((

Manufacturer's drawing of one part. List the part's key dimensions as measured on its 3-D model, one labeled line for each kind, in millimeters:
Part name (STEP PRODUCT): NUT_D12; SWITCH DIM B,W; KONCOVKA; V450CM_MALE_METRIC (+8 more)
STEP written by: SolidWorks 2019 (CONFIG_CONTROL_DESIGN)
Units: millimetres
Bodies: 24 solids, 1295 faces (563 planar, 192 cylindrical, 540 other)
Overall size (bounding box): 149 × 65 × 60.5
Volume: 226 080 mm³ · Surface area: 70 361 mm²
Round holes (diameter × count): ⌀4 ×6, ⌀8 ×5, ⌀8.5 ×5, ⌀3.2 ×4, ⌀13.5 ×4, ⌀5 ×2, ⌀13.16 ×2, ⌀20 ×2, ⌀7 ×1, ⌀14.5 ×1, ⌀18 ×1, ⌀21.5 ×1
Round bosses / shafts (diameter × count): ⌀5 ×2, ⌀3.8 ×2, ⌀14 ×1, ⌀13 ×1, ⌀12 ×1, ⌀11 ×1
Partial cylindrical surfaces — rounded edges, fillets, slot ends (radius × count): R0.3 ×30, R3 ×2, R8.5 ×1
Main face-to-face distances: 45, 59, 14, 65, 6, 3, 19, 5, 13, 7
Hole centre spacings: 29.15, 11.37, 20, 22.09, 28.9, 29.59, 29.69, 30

))

> TASK TO CARRY OUT
Show, from the entries above, every line that includes the string "cylindrical".

> TASK OUTPUT
Bodies: 24 solids, 1295 faces (563 planar, 192 cylindrical, 540 other)
Partial cylindrical surfaces — rounded edges, fillets, slot ends (radius × count): R0.3 ×30, R3 ×2, R8.5 ×1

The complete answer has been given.